• **PROBLEM TO SOLVE**:
From the first line of the data below through the line bearing "model = ifcopenshell.file(schema_version=(4, 3, 0, 0))", reproduce each line exactly; do not include pictures.

(Recorded data)
+++

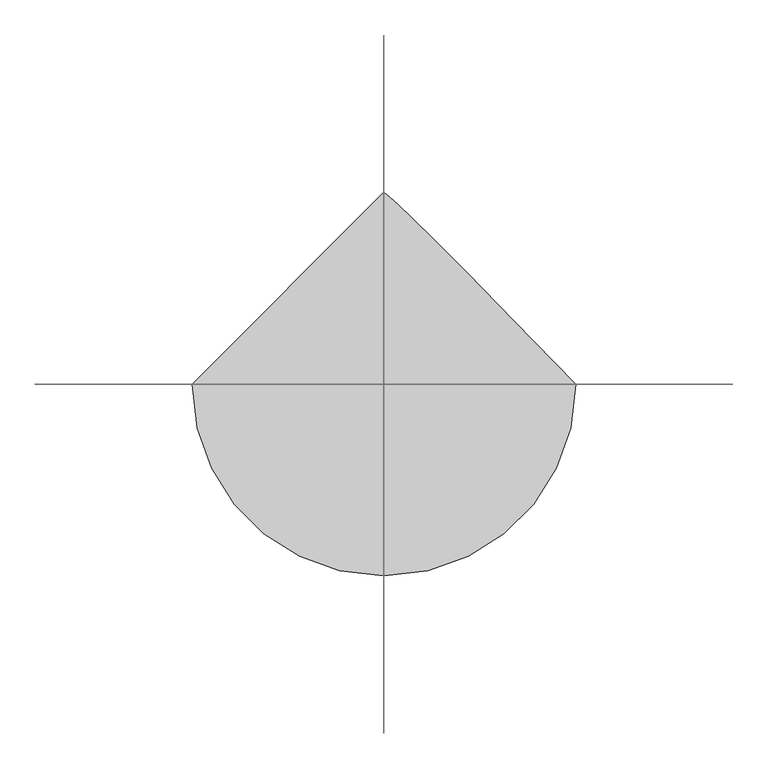
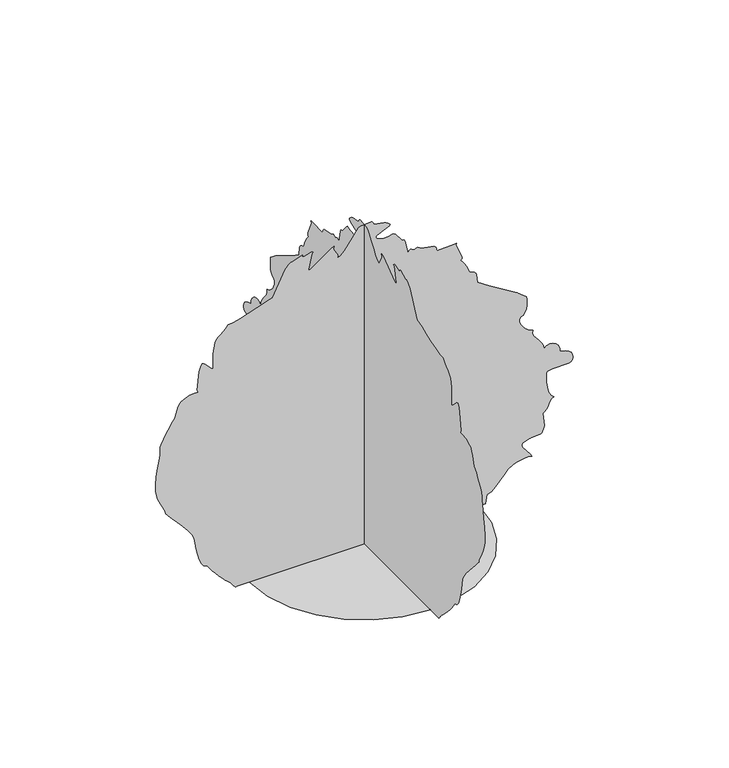
"""IFC4 building model written with IfcOpenShell, lengths in millimetres: proxy geometry, vibernum 26767 : vibernum 26767."""

import ifcopenshell
import ifcopenshell.guid

model = None  # the IFC model being written
_history = None  # IfcOwnerHistory: only IFC2X3 demands one
_inside = {}  # id of a spatial element -> (the spatial element, [elements in it])
_under = {}  # id of a project, library or spatial element -> (it, [spatial elements below it])
_declared = {}  # id of a project -> (the project, [libraries it declares])
_typed = {}  # id of a type object -> (the type object, [elements of that type])
_made_of = {}  # id of a material, layer set ... -> (it, [elements and type objects made of it])


def new_model(schema):
    """Start an empty IFC model of exactly this schema.

    Asked for "IFC4X3", IfcOpenShell would pick the latest addendum, in which some entities
    have other attributes; the version numbers below select the first issue.
    IFC2X3 requires an IfcOwnerHistory on every rooted entity: one is made here for all.
    """
    global model, _history
    if schema == "IFC4X3":
        model = ifcopenshell.file(schema_version=(4, 3, 0, 0))
    else:
        model = ifcopenshell.file(schema=schema)
    _inside.clear()
    _under.clear()
    _declared.clear()
    _typed.clear()
    _made_of.clear()
    _history = None
    if model.schema == "IFC2X3":
        org = make("IfcOrganization", Name="unknown")
        user = make(
            "IfcPersonAndOrganization",
            ThePerson=make("IfcPerson", FamilyName="unknown"),
            TheOrganization=org,
        )
        app = make(
            "IfcApplication",
            ApplicationDeveloper=org,
            Version="unknown",
            ApplicationFullName="unknown",
            ApplicationIdentifier="unknown",
        )
        _history = make(
            "IfcOwnerHistory",
            OwningUser=user,
            OwningApplication=app,
            ChangeAction="ADDED",
            CreationDate=0,
        )
    return model


def make(cls, **values):
    """One entity of the class cls with the attributes given. An attribute that is None is left unset."""
    return model.create_entity(
        cls, **{name: value for name, value in values.items() if value is not None}
    )


def rooted(cls, **values):
    """An entity with a GlobalId (a new one), such as an element, a storey or a relation."""
    return make(cls, GlobalId=ifcopenshell.guid.new(), OwnerHistory=_history, **values)


def si_unit(unit_type, name, prefix=None):
    """IfcSIUnit, for example si_unit("LENGTHUNIT", "METRE", prefix="MILLI")."""
    return make("IfcSIUnit", UnitType=unit_type, Prefix=prefix, Name=name)


def assignment(units):
    """IfcUnitAssignment: the units of a project."""
    return None if units is None else make("IfcUnitAssignment", Units=units)


def point(xyz):
    """IfcCartesianPoint."""
    return None if xyz is None else make("IfcCartesianPoint", Coordinates=xyz)


def direction(xyz):
    """IfcDirection."""
    return None if xyz is None else make("IfcDirection", DirectionRatios=xyz)


def frame(location, z_axis=None, x_axis=None):
    """IfcAxis2Placement3D, a coordinate frame: its origin and axes. An axis left out is left unset."""
    return make(
        "IfcAxis2Placement3D",
        Location=point(location),
        Axis=direction(z_axis),
        RefDirection=direction(x_axis),
    )


def origin():
    """The frame at (0, 0, 0) with its axes left unset."""
    return frame((0.0, 0.0, 0.0))


def place(relative_to, where):
    """IfcLocalPlacement: puts the frame where relative to a parent placement (None: the world)."""
    return make(
        "IfcLocalPlacement", PlacementRelTo=relative_to, RelativePlacement=where
    )


def context(
    kind, dimensions, precision=None, world=None, true_north=None, identifier=None
):
    """IfcGeometricRepresentationContext, for example the 3D "Model" context."""
    return make(
        "IfcGeometricRepresentationContext",
        ContextIdentifier=identifier,
        ContextType=kind,
        CoordinateSpaceDimension=dimensions,
        Precision=precision,
        WorldCoordinateSystem=world,
        TrueNorth=true_north,
    )


def project(units=None, contexts=None):
    """IfcProject with its units and contexts."""
    return rooted(
        "IfcProject",
        Name="project",
        RepresentationContexts=contexts,
        UnitsInContext=assignment(units),
    )


def spatial(cls, under=None, at=None, **own):
    """A site, building, storey or space (cls), placed at a placement, below another one or the project."""
    s = rooted(cls, ObjectPlacement=at, **own)
    if under is not None:
        _under.setdefault(under.id(), (under, []))[1].append(s)
    return s


def point_list(points):
    """IfcCartesianPointList2D or 3D."""
    cls = (
        "IfcCartesianPointList2D" if len(points[0]) == 2 else "IfcCartesianPointList3D"
    )
    return make(cls, CoordList=points)


def triangles(points, corners, closed=None, point_numbers=None):
    """IfcTriangulatedFaceSet: each triangle names its three corners, points numbered from 1."""
    return make(
        "IfcTriangulatedFaceSet",
        Coordinates=point_list(points),
        Closed=closed,
        CoordIndex=corners,
        PnIndex=point_numbers,
    )


def shape(context_of_items, identifier, shape_type, items):
    """IfcShapeRepresentation: the items that make up one representation, for example the "Body"."""
    return make(
        "IfcShapeRepresentation",
        ContextOfItems=context_of_items,
        RepresentationIdentifier=identifier,
        RepresentationType=shape_type,
        Items=items,
    )


def source(mapping_origin, context_of_items, identifier, shape_type, items):
    """IfcRepresentationMap: a shape defined once, which mapped items show again and again."""
    return make(
        "IfcRepresentationMap",
        MappingOrigin=mapping_origin,
        MappedRepresentation=shape(context_of_items, identifier, shape_type, items),
    )


def transform(
    local_origin,
    x_axis=None,
    y_axis=None,
    z_axis=None,
    scale=None,
    scale2=None,
    scale3=None,
    uniform=True,
):
    """IfcCartesianTransformationOperator3D, or its non-uniform kind. x_axis, y_axis, z_axis: its Axis1, 2, 3."""
    if uniform:
        return make(
            "IfcCartesianTransformationOperator3D",
            Axis1=direction(x_axis),
            Axis2=direction(y_axis),
            LocalOrigin=point(local_origin),
            Scale=scale,
            Axis3=direction(z_axis),
        )
    return make(
        "IfcCartesianTransformationOperator3DnonUniform",
        Axis1=direction(x_axis),
        Axis2=direction(y_axis),
        LocalOrigin=point(local_origin),
        Scale=scale,
        Axis3=direction(z_axis),
        Scale2=scale2,
        Scale3=scale3,
    )


def mapped(mapping_source, mapping_target):
    """IfcMappedItem: shows the shape of a source again, moved by a transform."""
    return make(
        "IfcMappedItem", MappingSource=mapping_source, MappingTarget=mapping_target
    )


def made_of(thing, what):
    """Note that an element or type object is made of a material, layer set ...; save() writes the relation."""
    if what is not None:
        _made_of.setdefault(what.id(), (what, []))[1].append(thing)
    return thing


def element(
    cls,
    number,
    at=None,
    inside=None,
    cuts=None,
    type_object=None,
    material=None,
    context=None,
    identifier="Body",
    shape_type=None,
    held_by="IfcProductDefinitionShape",
    body=None,
    shapes=None,
    **own,
):
    """One element of the class cls, such as IfcWall. Its Tag is "e" and its number.

    at: its placement. inside: the storey or other place that contains it. cuts: it is an
    opening in that element (IfcRelVoidsElement). A single representation is given by context,
    identifier, shape_type and body (its items); several are given by shapes. held_by: the class
    of the entity that holds the representations. save() writes the other relations.
    """
    e = rooted(cls, Tag="e%d" % number, ObjectPlacement=at, **own)
    if body is not None:
        shapes = [shape(context, identifier, shape_type, body)]
    if shapes is not None:
        e.Representation = make(held_by, Representations=shapes)
    if inside is not None:
        _inside.setdefault(inside.id(), (inside, []))[1].append(e)
    if cuts is not None:
        rooted(
            "IfcRelVoidsElement", RelatingBuildingElement=cuts, RelatedOpeningElement=e
        )
    if type_object is not None:
        _typed.setdefault(type_object.id(), (type_object, []))[1].append(e)
    return made_of(e, material)


def aggregate(whole, parts):
    """IfcRelAggregates: a whole, such as a stair, and the parts it consists of."""
    return rooted("IfcRelAggregates", RelatingObject=whole, RelatedObjects=parts)


def save(model, path):
    """Write the relations noted so far, then the file.

    IfcRelAggregates (storeys below a building ...), IfcRelContainedInSpatialStructure (elements
    in a storey), IfcRelDefinesByType, IfcRelAssociatesMaterial and IfcRelDeclares: one each for
    every whole, place, type object, material and project.
    """
    for whole, parts in _under.values():
        aggregate(whole, parts)
    for where, things in _inside.values():
        rooted(
            "IfcRelContainedInSpatialStructure",
            RelatedElements=things,
            RelatingStructure=where,
        )
    for kind, things in _typed.values():
        rooted("IfcRelDefinesByType", RelatedObjects=things, RelatingType=kind)
    for what, things in _made_of.values():
        rooted("IfcRelAssociatesMaterial", RelatedObjects=things, RelatingMaterial=what)
    for by, libraries in _declared.values():
        rooted("IfcRelDeclares", RelatingContext=by, RelatedDefinitions=libraries)
    model.write(path)


def entourage_5c4a15e9(model_context):
    return source(origin(), model_context, "Body", "Tessellation", [
        triangles([(-310.4009663, 0.0, 0.0), (-302.1967432, -71.1236111, 0.0), (-278.8261857, -136.4392555, 0.0), (-242.1615087, -194.0757083, 0.0), (-194.0757083, -242.1615087, 0.0), (-136.4392555, -278.8261857, 0.0), (-71.1236111, -302.1967432, 0.0), (1.36e-05, -310.4009663, 0.0), (71.1236111, -302.1967432, 0.0), (136.4392555, -278.8261857, 0.0), (194.0757083, -242.1615087, 0.0), (242.1615087, -194.0757083, 0.0), (278.8261857, -136.4392555, 0.0), (302.1967432, -71.1236111, 0.0), (310.4009663, 2.71e-05, 0.0), (209.5283262, 103.4718092, 0.0), (134.7455816, 179.6535872, 0.0), (81.7052599, 233.0934394, 0.0), (46.0591254, 268.3410517, 0.0), (23.45852, 289.9412231, 0.0), (9.5549798, 302.4456561, 0.0), (-4.07e-05, 310.4009663, 0.0), (-352.7554667, 2.15e-05, 4.3495503), (-355.9965117, 2.13e-05, 8.4826161), (-359.0826241, 2.1e-05, 12.3234041), (-362.0188548, 2.08e-05, 15.7959676), (-364.8077834, 2.07e-05, 18.8245652), (-367.457004, 2.05e-05, 21.3332227), (-369.9665528, 2.04e-05, 23.2460988), (-375.8161594, 2.01e-05, 28.5320975), (-383.5606359, 1.96e-05, 36.3306653), (-392.4582396, 1.9e-05, 45.9079945), (-401.7775108, 1.84e-05, 56.5300297), (-410.7742001, 1.78e-05, 67.463215), (-418.7091808, 1.71e-05, 77.9737471), (-424.8483773, 1.66e-05, 87.3278091), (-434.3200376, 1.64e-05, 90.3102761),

+++

• **THE COMPLETED TASK**:
"""IFC4 building model written with IfcOpenShell, lengths in millimetres: proxy geometry, vibernum 26767 : vibernum 26767."""

import ifcopenshell
import ifcopenshell.guid

model = None  # the IFC model being written
_history = None  # IfcOwnerHistory: only IFC2X3 demands one
_inside = {}  # id of a spatial element -> (the spatial element, [elements in it])
_under = {}  # id of a project, library or spatial element -> (it, [spatial elements below it])
_declared = {}  # id of a project -> (the project, [libraries it declares])
_typed = {}  # id of a type object -> (the type object, [elements of that type])
_made_of = {}  # id of a material, layer set ... -> (it, [elements and type objects made of it])


def new_model(schema):
    """Start an empty IFC model of exactly this schema.

    Asked for "IFC4X3", IfcOpenShell would pick the latest addendum, in which some entities
    have other attributes; the version numbers below select the first issue.
    IFC2X3 requires an IfcOwnerHistory on every rooted entity: one is made here for all.
    """
    global model, _history
    if schema == "IFC4X3":
        model = ifcopenshell.file(schema_version=(4, 3, 0, 0))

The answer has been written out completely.